> WHAT YOU WILL DO: What lines in the listing include "Pulley"? Return a copy of each.
--- GIVEN INFORMATION ---
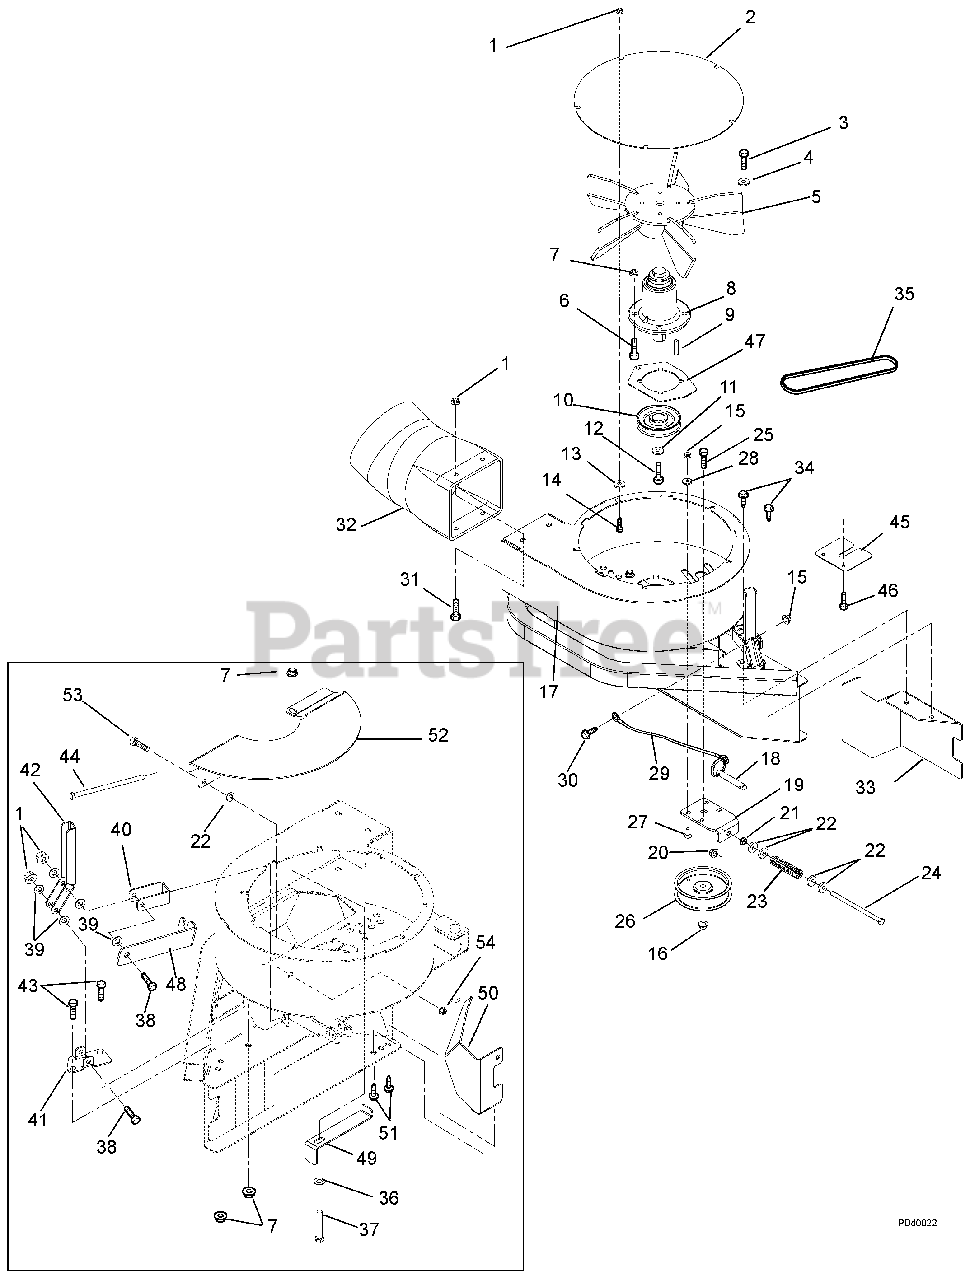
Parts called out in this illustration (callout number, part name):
1	Nut, .31-18 Nyloc Flange
2	Cover, Blower
3	Bolt, Hex .62-18 x 1.75
4	Washer, Bevelled .63 x 1.625 x .14
5	Weldment, Impeller
6	Bolt, Hex .38-16 x 1.25 Grade 5
7	Nut, .38-16 Nyloc Flange
8	Maintenance Free Spindle Assembly
9	Key, Square .25 x .25 x 1.00 RC 40-50
10	Weldment, Pulley-V 3.50 x 1.004 with Key
11	Washer, Flat Steel .39 x 1.5 x .125
12	Bolt, Hex .38-16 x 1.00 EP30
13	Nut, Push .312
14	Bolt, Round Head Square Short Neck .31-18 x .75 Grade 5
15	Nut, Locking Top Flange .25-20
16	Nut, .38-16 Nyloc Flange
17	Weldment, Blower Housing
18	Pin, Spring Ball .375OD x 1.50
19	Bracket, Adjustable Idler
20	Nut, .31-18 Nyloc Flange
21	Nut, Spin Lock-Flange .312-18
22	Washer, Flat Steel .38 x .87 x .179
23	Spring, Compression .092 x .77 x 3.13
24	Bolt, Hex .31-18 x 5.50 Grade 5
25	Bolt, Hex .38-16 x 1.75 Grade 5
26	Pulley, Idler 4.00
27	Bolt, Round Head Square Neck .25-20 x .75 Grade 5
28	Bushing, Flange .265 x .437 x .250 x .750
29	Cable, Hood
30	Bolt, Hex .25-20 x .75 Grade 5
31	Bolt, Hex .31-18 x .75 Grade 5
32	Adapter, Hose
33	Baffle, Blower 52"
34	Screw, Tapping .38-16 x .50 Hex Washer Head
35	V-Belt, 72" Mower Deck
36	Washer, Flat Steel .406 x .812 x .065
37	Bolt, Hex .38-16 x 1.00 Grade 5
38	Bolt, Hex .31-18 x 2.00 Grade 5
39	Washer, Flat – Nylon .375 x .75 x .060
40	Link, Idler Release
41	Mount, Idler Release Lever
42	Lever, Idler Release
43	Bolt, Hex .38-16 x .75 Grade 5
44	Bolt, Hex .31-18 x 5.50 Grade 5
45	Finger Guard 52-Inch Deck
46	Bolt, Hex .25-20 x .50 Grade 5
47	Plate, Bearing Housing Support
48	Lock, Idler Release Lever
49	Finger – Belt
50	Baffle, Blower – Rear – 52"/60"/66"
51	Screw, Tap .38-16 x .50
52	Cover, Bottom Plate
53	Bolt, Hex .31-18 x 0.75
54	Nut, Nyloc Flange .31-18
---
> ANSWER SECTION:
10	Weldment, Pulley-V 3.50 x 1.004 with Key
26	Pulley, Idler 4.00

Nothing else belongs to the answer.